Segment Start: Extracted entries

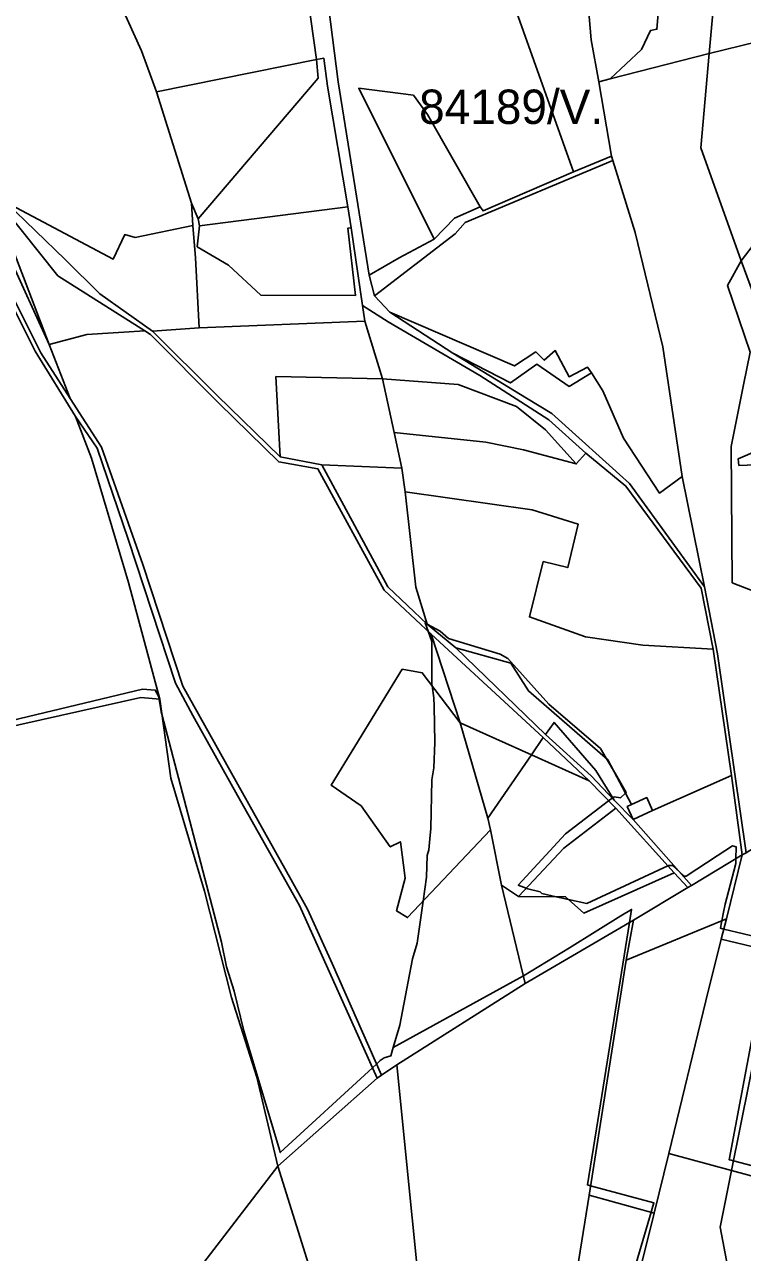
# Model space of a CAD drawing. Extents: x -477304 to -465429, y -1159113 to -1149210.
# Drawn here: x -471269 to -470956, y -1155977 to -1155441 of the extents above; entities that cross this region are included whole.
import ezdxf

# ---------------------------------------------------------------- set-up
doc = ezdxf.new("R2010")
doc.units = 0
for name, color, linetype in [('BPEJ_s', 7, 'Continuous'), ('PUPFL_s', 7, 'Continuous'), ('trav_porost_s', 7, 'Continuous')]:
    doc.layers.add(name, color=color, linetype=linetype)

msp = doc.modelspace()

# ---------------------------------------------------------------- linework, layer by layer
at = {"layer": 'BPEJ_s'}
for points in [[(-470946.75, -1155839.87), (-470963.86, -1155835.82), (-470965.36, -1155835.46), (-470964.99, -1155833.6), (-470964.71, -1155832.16), (-470963.98, -1155828.41), (-470963.32, -1155824.99), (-470961.14, -1155816.67), (-470958.64, -1155807.15), (-470958.58, -1155805.11), (-470958.43, -1155799.92), (-470960.05, -1155799.5), (-470966.71, -1155803.83), (-470980.32, -1155812.67), (-470981.17, -1155812.67), (-470983.22, -1155810.79), (-470986.26, -1155808), (-470987.96, -1155808), (-470988.29, -1155808.15), (-471023.66, -1155824.57), (-471031.62, -1155822.84), (-471037, -1155821.67), (-471043.21, -1155820.32), (-471044.06, -1155819.47), (-471049.37, -1155818.2), (-471050.04, -1155817.95), (-471052.42, -1155817.06), (-471053.59, -1155816.62), (-471033.01, -1155794.19), (-471014.12, -1155779.83), (-471012.54, -1155778.63), (-471012.33, -1155778.47), (-471011.76, -1155778.04), (-471009, -1155778.46), (-471006.75, -1155776.48), (-471006.42, -1155776.18), (-471011.18, -1155768.1), (-471015.21, -1155761.25), (-471017.71, -1155757), (-471040.23, -1155737.67), (-471058.08, -1155717.69), (-471061.48, -1155715.78), (-471084.01, -1155708.98), (-471087.62, -1155705.79), (-471093.25, -1155702.73), (-471093.74, -1155702.47), (-471094.24, -1155702.2), (-471092.9, -1155705.79), (-471091.23, -1155710.26), (-471091.23, -1155728.95), (-471091.13, -1155729.66), (-471090.38, -1155734.9), (-471090.3, -1155738.5), (-471089.95, -1155754.45), (-471090.38, -1155765.5), (-471091.23, -1155770.6), (-471091.66, -1155791.85), (-471092.07, -1155796.37), (-471092.5, -1155801.2), (-471093.35, -1155803.75), (-471093.57, -1155813.1), (-471095.03, -1155823.54), (-471096.31, -1155832.71), (-471097.6, -1155841.99), (-471099.73, -1155848.79), (-471101.63, -1155858.73), (-471105.25, -1155877.69), (-471108.14, -1155887.49), (-471109.22, -1155891.15), (-471112.05, -1155891.93), (-471113.75, -1155893.2), (-471115.36, -1155894.68)], [(-471105.25, -1155877.69), (-471101.63, -1155858.73), (-471099.73, -1155848.79), (-471097.6, -1155841.99), (-471096.31, -1155832.71), (-471095.03, -1155823.54), (-471093.57, -1155813.1), (-471093.35, -1155803.75), (-471092.5, -1155801.2), (-471092.07, -1155796.37), (-471091.66, -1155791.85), (-471091.23, -1155770.6), (-471090.38, -1155765.5), (-471089.95, -1155754.45), (-471090.3, -1155738.5), (-471090.38, -1155734.9), (-471091.13, -1155729.66), (-471091.23, -1155728.95), (-471091.23, -1155710.26), (-471092.9, -1155705.79), (-471094.24, -1155702.2), (-471093.74, -1155702.47), (-471093.25, -1155702.73), (-471087.62, -1155705.79), (-471084.01, -1155708.98), (-471061.48, -1155715.78), (-471058.08, -1155717.69), (-471040.23, -1155737.67), (-471017.71, -1155757), (-471015.21, -1155761.25), (-471011.18, -1155768.1), (-471006.42, -1155776.18), (-471006.75, -1155776.48), (-471009, -1155778.46), (-471011.76, -1155778.04), (-471012.33, -1155778.47), (-471012.54, -1155778.63), (-471014.12, -1155779.83), (-471033.01, -1155794.19), (-471053.59, -1155816.62), (-471052.42, -1155817.06), (-471050.04, -1155817.95), (-471049.37, -1155818.2), (-471044.06, -1155819.47), (-471043.21, -1155820.32), (-471037, -1155821.67), (-471031.62, -1155822.84), (-471023.66, -1155824.57), (-470988.29, -1155808.15), (-470987.96, -1155808), (-470986.26, -1155808), (-470983.22, -1155810.79), (-470981.17, -1155812.67), (-470980.32, -1155812.67), (-470966.71, -1155803.83), (-470960.05, -1155799.5), (-470958.43, -1155799.92), (-470958.58, -1155805.11), (-470958.64, -1155807.15), (-470961.14, -1155816.67), (-470963.32, -1155824.99), (-470963.98, -1155828.41), (-470964.71, -1155832.16), (-470964.99, -1155833.6), (-470965.36, -1155835.46), (-470963.86, -1155835.82), (-470946.75, -1155839.87)], [(-471115.36, -1155894.68), (-471117.11, -1155896.29), (-471157.37, -1155933.32), (-471157.74, -1155932.08), (-471173.25, -1155880.24), (-471177.5, -1155862.82), (-471180.9, -1155852.19), (-471183.02, -1155841.57), (-471209.05, -1155742.05), (-471209.32, -1155741.04), (-471209.37, -1155740.85), (-471210.28, -1155735.41), (-471210.43, -1155734.48), (-471211.92, -1155731.5), (-471217.44, -1155731.08), (-471296.48, -1155749.99)], [(-471117.11, -1155896.29), (-471157.37, -1155933.32), (-471157.74, -1155932.08), (-471173.25, -1155880.24), (-471177.5, -1155862.82), (-471180.9, -1155852.19), (-471183.02, -1155841.57), (-471209.05, -1155742.05), (-471209.32, -1155741.04), (-471209.37, -1155740.85), (-471210.28, -1155735.41), (-471210.43, -1155734.48), (-471211.92, -1155731.5), (-471217.44, -1155731.08), (-471296.48, -1155749.99)], [(-471006.54, -1155996.36), (-470995.6, -1155959.34), (-470995.11, -1155957.69), (-470994.37, -1155955.21), (-471021.99, -1155947.81), (-471023.36, -1155947.44), (-471018.83, -1155919.36), (-471004.98, -1155832.86), (-471004.08, -1155827.23), (-471008.74, -1155830.08), (-471031.12, -1155843.93), (-471051.29, -1155856.17), (-471052.86, -1155857.12), (-471108.14, -1155887.49), (-471109.22, -1155891.15), (-471112.05, -1155891.93), (-471113.75, -1155893.2), (-471115.36, -1155894.68), (-471117.11, -1155896.29)], [(-471006.54, -1155996.36), (-470995.6, -1155959.34), (-470995.11, -1155957.69), (-470994.37, -1155955.21), (-471021.99, -1155947.81), (-471023.36, -1155947.44), (-471018.83, -1155919.36), (-471004.98, -1155832.86), (-471004.08, -1155827.23), (-471008.74, -1155830.08), (-471031.12, -1155843.93), (-471051.29, -1155856.17), (-471052.86, -1155857.12), (-471108.14, -1155887.49), (-471105.25, -1155877.69)], [(-470945.89, -1155853.04), (-470961.58, -1155936.43), (-470960.66, -1155936.68), (-470959.63, -1155936.95), (-470936.97, -1155942.92)], [(-470936.97, -1155942.92), (-470959.63, -1155936.95), (-470960.66, -1155936.68), (-470961.58, -1155936.43), (-470945.89, -1155853.04)]]:
    msp.add_lwpolyline(points, dxfattribs=at)
at = {"layer": 'PUPFL_s'}
for points in [[(-470871.72, -1155069.23), (-470864.73, -1155053.8), (-470854.75, -1155056.73), (-470874.14, -1155116.56), (-470891.69, -1155151.09), (-470909.48, -1155237), (-470913.11, -1155340.83), (-470928.65, -1155443.54), (-470970.24, -1155453.73), (-470967.13, -1155420.04), (-470969.04, -1155388.49), (-470964.39, -1155378.06), (-470961.07, -1155361.45), (-470948.05, -1155328.45), (-470939.67, -1155293.89), (-470930.5, -1155258.99), (-470928.23, -1155233.59), (-470914.76, -1155194.26), (-470902.7, -1155138.01), (-470885.31, -1155112)], [(-471030.7, -1155305.54), (-471026.49, -1155250.14), (-471005.26, -1155255.11), (-470973.9, -1155258.91), (-470971.66, -1155279.02), (-470974.57, -1155299.42), (-470979.84, -1155310.96), (-470979.35, -1155352), (-470985.55, -1155416.23), (-470991.83, -1155427.38), (-470993.06, -1155443.19), (-470995.88, -1155443.78), (-470999.74, -1155451.98), (-471013.47, -1155464.79), (-471018.38, -1155466.05), (-471021.76, -1155447.82), (-471023.89, -1155422.17), (-471027.1, -1155387.89), (-471027.85, -1155373.03), (-471028.89, -1155321.57)], [(-471029.47, -1155505.45), (-471055.82, -1155431.56), (-471023.89, -1155422.17), (-471021.76, -1155447.82), (-471018.38, -1155466.05), (-471012.86, -1155498.59)], [(-470922.05, -1155441.92), (-470912.71, -1155448.67), (-470911.74, -1155457.8), (-470929.64, -1155478.08), (-470940.1, -1155497.88), (-470935.6, -1155508.15), (-470921.58, -1155526.43), (-470937.69, -1155519.96), (-470956.34, -1155544.22), (-470973.93, -1155494.85), (-470970.24, -1155453.73), (-470928.65, -1155443.54)], [(-471136.72, -1155468.07), (-471127.97, -1155520.72), (-471192.67, -1155528.9), (-471193.27, -1155525.88), (-471140.87, -1155464.5), (-471141.59, -1155456.42), (-471138.43, -1155455.84)], [(-471093.14, -1155480.34), (-471070.1, -1155520.72), (-471081.32, -1155525.61), (-471090.19, -1155534.73), (-471123.11, -1155468.9), (-471099.26, -1155472)], [(-471273.7, -1155540.23), (-471258.24, -1155580.74), (-471276.1, -1155541.39), (-471281.34, -1155521.01), (-471292.76, -1155495.07), (-471278.48, -1155520.65)], [(-471118.56, -1155550.53), (-471105.49, -1155542.89), (-471090.19, -1155534.73), (-471081.32, -1155525.61), (-471070.1, -1155520.72), (-471068.89, -1155522.41), (-471029.47, -1155505.45), (-471012.86, -1155498.59), (-471012.35, -1155500.38), (-471076.66, -1155527.49), (-471081.09, -1155532.43), (-471116.28, -1155559.45)], [(-471055.25, -1155590.09), (-471109.58, -1155566.68), (-471116.28, -1155559.45), (-471081.09, -1155532.43), (-471076.66, -1155527.49), (-471012.35, -1155500.38), (-471002.55, -1155531.89), (-470990.4, -1155581.78), (-470982.02, -1155638.32), (-470991.98, -1155645.54), (-471007.57, -1155621.52), (-471016.62, -1155600.94), (-471021.66, -1155593.15), (-471023.34, -1155590.55), (-471031.34, -1155594.82), (-471037.41, -1155583.4), (-471042.22, -1155587.57), (-471045.9, -1155583.93)], [(-471273.7, -1155540.23), (-471278.48, -1155520.65), (-471254.38, -1155550.81), (-471216.42, -1155574.79), (-471241.76, -1155576.36), (-471258.24, -1155580.74)], [(-471225.23, -1155532.73), (-471220.69, -1155534.02), (-471195.51, -1155528.81), (-471194.41, -1155542.94), (-471192.84, -1155573.4), (-471213.1, -1155574.86), (-471236.13, -1155558.57), (-471251.31, -1155543.63), (-471277.2, -1155518.58), (-471230.27, -1155543.46)], [(-471193.27, -1155525.88), (-471192.67, -1155528.9), (-471193.66, -1155538.06), (-471180.04, -1155546.14), (-471165.83, -1155559.17), (-471124.6, -1155559.39), (-471127.87, -1155529.9), (-471126.51, -1155529.78), (-471121.48, -1155563.7), (-471120.46, -1155570.6), (-471192.84, -1155573.4), (-471194.41, -1155542.94), (-471195.51, -1155528.81), (-471196.17, -1155519)], [(-471193.66, -1155538.06), (-471192.67, -1155528.9), (-471127.97, -1155520.72), (-471126.51, -1155529.78), (-471127.87, -1155529.9), (-471124.6, -1155559.39), (-471165.83, -1155559.17), (-471180.04, -1155546.14)], [(-470914.4, -1155607.17), (-470931.76, -1155606.45), (-470931.29, -1155611.8), (-470956.34, -1155544.22), (-470937.69, -1155519.96), (-470921.58, -1155526.43), (-470887.47, -1155552.04), (-470873.85, -1155566.12), (-470857.35, -1155566.55), (-470848.58, -1155576.39), (-470853.43, -1155619.92), (-470854.73, -1155641.51), (-470854.13, -1155654.23), (-470900.02, -1155666.43), (-470911.17, -1155669.39), (-470924.17, -1155632.19), (-470917.24, -1155631.92), (-470917.13, -1155644.81), (-470901.67, -1155639.27), (-470905.37, -1155620.88), (-470890.53, -1155608.96), (-470897.12, -1155598.83)], [(-471282.3, -1155541.4), (-471276.1, -1155541.39), (-471258.24, -1155580.74), (-471249.11, -1155604.34), (-471261.79, -1155584.36), (-471280.71, -1155546.81)], [(-470918.86, -1155705.17), (-470930.94, -1155699.58), (-470935.04, -1155694.42), (-470960.2, -1155684.67), (-470960.68, -1155625.3), (-470955.25, -1155598.32), (-470952.38, -1155584.04), (-470962.2, -1155554.96), (-470956.34, -1155544.22), (-470931.29, -1155611.8), (-470930.28, -1155618.79), (-470957.57, -1155630.57), (-470957.24, -1155633.45), (-470924.17, -1155632.19), (-470911.17, -1155669.39), (-470896.55, -1155699.52)], [(-471040.25, -1155613.59), (-471024.03, -1155628.13), (-471028.27, -1155632.83), (-471041.63, -1155617.95), (-471054.34, -1155607.79), (-471079.79, -1155598.19), (-471112.81, -1155595.72), (-471120.46, -1155570.6), (-471121.48, -1155563.7), (-471110.32, -1155570.83), (-471070.25, -1155594.24)], [(-471042.22, -1155587.57), (-471037.41, -1155583.4), (-471031.34, -1155594.82), (-471023.34, -1155590.55), (-471021.66, -1155593.15), (-471031.41, -1155598.99), (-471045.38, -1155589.34), (-471056.93, -1155597.48), (-471082.09, -1155584.51), (-471109.58, -1155566.68), (-471055.25, -1155590.09), (-471045.9, -1155583.93)], [(-471095.45, -1155723.97), (-471104.15, -1155722.42), (-471135.21, -1155772.95), (-471122.16, -1155782.01), (-471109.4, -1155799.92), (-471104.94, -1155797.69), (-471102.93, -1155813.51), (-471106.63, -1155827.86), (-471101.85, -1155830.74), (-471065.63, -1155792.51), (-471060.91, -1155816.65), (-471050.48, -1155859.52), (-471106.55, -1155894.96), (-471113.25, -1155899.47), (-471134.77, -1155850.77), (-471145.56, -1155827.03), (-471152.68, -1155814.23), (-471199.87, -1155729.83), (-471217.3, -1155676.71), (-471235.38, -1155625.47), (-471249.11, -1155604.34), (-471258.24, -1155580.74), (-471241.76, -1155576.36), (-471216.42, -1155574.79), (-471214.03, -1155576.34), (-471183.98, -1155606.47), (-471158.07, -1155631.94), (-471140.99, -1155635), (-471112.09, -1155687.9), (-471091.56, -1155707.04), (-471078.87, -1155745.79)], [(-471112.81, -1155595.72), (-471159.31, -1155594.74), (-471157.49, -1155629.73), (-471184.9, -1155603), (-471213.1, -1155574.86), (-471192.84, -1155573.4), (-471120.46, -1155570.6)], [(-471007.57, -1155621.52), (-470991.98, -1155645.54), (-470982.02, -1155638.32), (-470972.27, -1155686.51), (-471005.01, -1155641.36), (-471038.88, -1155610.88), (-471049.95, -1155604.08), (-471082.09, -1155584.51), (-471056.93, -1155597.48), (-471045.38, -1155589.34), (-471031.41, -1155598.99), (-471021.66, -1155593.15), (-471016.62, -1155600.94)], [(-471107.72, -1155619.06), (-471104.33, -1155634.63), (-471139.21, -1155633.27), (-471157.49, -1155629.73), (-471159.31, -1155594.74), (-471112.81, -1155595.72)], [(-471112.81, -1155595.72), (-471079.79, -1155598.19), (-471054.34, -1155607.79), (-471041.63, -1155617.95), (-471028.27, -1155632.83), (-471051.2, -1155626.75), (-471067.7, -1155623.28), (-471107.72, -1155619.06)], [(-471246.73, -1155612.1), (-471237.29, -1155625.9), (-471223.81, -1155665.6), (-471203.03, -1155728.5), (-471195.59, -1155742.59), (-471176.08, -1155777.48), (-471148.94, -1155825.52), (-471115.09, -1155900.78), (-471158.43, -1155939.27), (-471167.57, -1155900.46), (-471178.61, -1155865.59), (-471190.45, -1155819.3), (-471205.07, -1155769.96), (-471210, -1155735.43), (-471223.58, -1155684.6), (-471239.68, -1155630.36)], [(-470930.28, -1155618.79), (-470931.29, -1155611.8), (-470924.17, -1155632.19), (-470957.24, -1155633.45), (-470957.57, -1155630.57)], [(-471107.72, -1155619.06), (-471067.7, -1155623.28), (-471051.2, -1155626.75), (-471028.27, -1155632.83), (-471024.03, -1155628.13), (-471006.59, -1155642.47), (-470973.81, -1155687.02), (-470968.56, -1155713.68), (-470999.23, -1155711.96), (-471024.17, -1155708.32), (-471048.65, -1155699.55), (-471042.65, -1155675.45), (-471031.94, -1155678.08), (-471027.48, -1155659.06), (-471047.46, -1155652.8), (-471102.87, -1155645.03), (-471104.33, -1155634.63)], [(-471102.87, -1155645.03), (-471098.21, -1155686.58), (-471093.24, -1155702.75), (-471110.47, -1155686.47), (-471139.21, -1155633.27), (-471104.33, -1155634.63)], [(-471056.8, -1155719.7), (-471080.81, -1155713.1), (-471093.24, -1155702.75), (-471098.21, -1155686.58), (-471102.87, -1155645.03), (-471047.46, -1155652.8), (-471027.48, -1155659.06), (-471031.94, -1155678.08), (-471042.65, -1155675.45), (-471048.65, -1155699.55), (-471024.17, -1155708.32), (-470999.23, -1155711.96), (-470968.56, -1155713.68), (-470960.47, -1155768.78), (-470995.05, -1155784.12), (-470997.46, -1155778.41), (-471004.11, -1155781.47), (-471014.45, -1155761.91), (-471049.14, -1155731.84)], [(-471091.56, -1155707.04), (-471042.61, -1155752.2), (-471047.73, -1155759.71), (-471078.87, -1155745.79)], [(-471005.98, -1155782.33), (-471003.47, -1155787.91), (-471011.67, -1155779.53), (-471019.75, -1155766.55), (-471037.95, -1155745.58), (-471041.66, -1155750.86), (-471080.81, -1155713.1), (-471056.8, -1155719.7), (-471049.14, -1155731.84), (-471014.45, -1155761.91), (-471004.11, -1155781.47)], [(-471078.87, -1155745.79), (-471066.81, -1155787.42), (-471065.63, -1155792.51), (-471101.85, -1155830.74), (-471106.63, -1155827.86), (-471102.93, -1155813.51), (-471104.94, -1155797.69), (-471109.4, -1155799.92), (-471122.16, -1155782.01), (-471135.21, -1155772.95), (-471104.15, -1155722.42), (-471095.45, -1155723.97)], [(-471297.6, -1155752.45), (-471296.48, -1155752.56), (-471280.11, -1155748.53), (-471218.27, -1155734.79), (-471210, -1155735.43), (-471205.07, -1155769.96), (-471190.45, -1155819.3), (-471178.61, -1155865.59), (-471167.57, -1155900.46), (-471158.43, -1155939.27), (-471214.34, -1156011.93), (-471262.2, -1156074.12), (-471263.64, -1156068.5), (-471267.43, -1156054.89), (-471277.02, -1156018.04), (-471286.83, -1155984.06), (-471292.42, -1155939.56), (-471298.69, -1155885.02), (-471302.86, -1155851.34), (-471321.82, -1155797.02), (-471352.28, -1155750.27), (-471327.49, -1155750.42)], [(-471066.81, -1155787.42), (-471078.87, -1155745.79), (-471047.73, -1155759.71)], [(-471041.66, -1155750.86), (-471037.95, -1155745.58), (-471019.75, -1155766.55), (-471011.67, -1155779.53), (-471021.78, -1155768.98)], [(-471047.73, -1155759.71), (-471042.61, -1155752.2), (-471022.59, -1155771.15)], [(-470941.25, -1155845.88), (-470964.96, -1155840.24), (-470962.75, -1155831.35), (-470955.79, -1155803.44), (-470954.15, -1155802.46), (-470867.12, -1155747.52), (-470882.8, -1155793.78), (-470904.43, -1155857.17), (-470935.75, -1155947.84), (-470960.48, -1155941.14)], [(-471053.45, -1155821.59), (-471060.91, -1155816.65), (-471065.63, -1155792.51), (-471066.81, -1155787.42), (-471047.73, -1155759.71), (-471022.59, -1155771.15), (-471010.95, -1155783.08), (-471033.7, -1155800.52)], [(-470955.79, -1155803.44), (-470977.97, -1155816.72), (-471003.47, -1155787.91), (-470995.05, -1155784.12), (-470960.47, -1155768.78)], [(-471004.11, -1155781.47), (-470997.46, -1155778.41), (-470995.05, -1155784.12), (-471003.47, -1155787.91), (-471005.98, -1155782.33)], [(-471032.91, -1155821.69), (-471053.45, -1155821.59), (-471033.7, -1155800.52), (-471010.95, -1155783.08), (-470985.54, -1155811.19), (-471024.87, -1155828.84)], [(-470979.51, -1155817.64), (-470977.97, -1155816.72), (-470955.79, -1155803.44), (-470962.75, -1155831.35), (-471006.43, -1155849.41), (-471003.33, -1155831.89)], [(-470985.54, -1155811.19), (-470979.51, -1155817.64), (-471003.33, -1155831.89), (-471050.48, -1155859.52), (-471060.91, -1155816.65), (-471053.45, -1155821.59), (-471032.91, -1155821.69), (-471024.87, -1155828.84)], [(-470829.99, -1156693.11), (-470839.78, -1156738.1), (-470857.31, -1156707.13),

Segment End: Extracted entries

Search the records for the string "name", and copy every line that holds it.

**Reply to the task:**
for name, color, linetype in [('BPEJ_s', 7, 'Continuous'), ('PUPFL_s', 7, 'Continuous'), ('trav_porost_s', 7, 'Continuous')]:
    doc.layers.add(name, color=color, linetype=linetype)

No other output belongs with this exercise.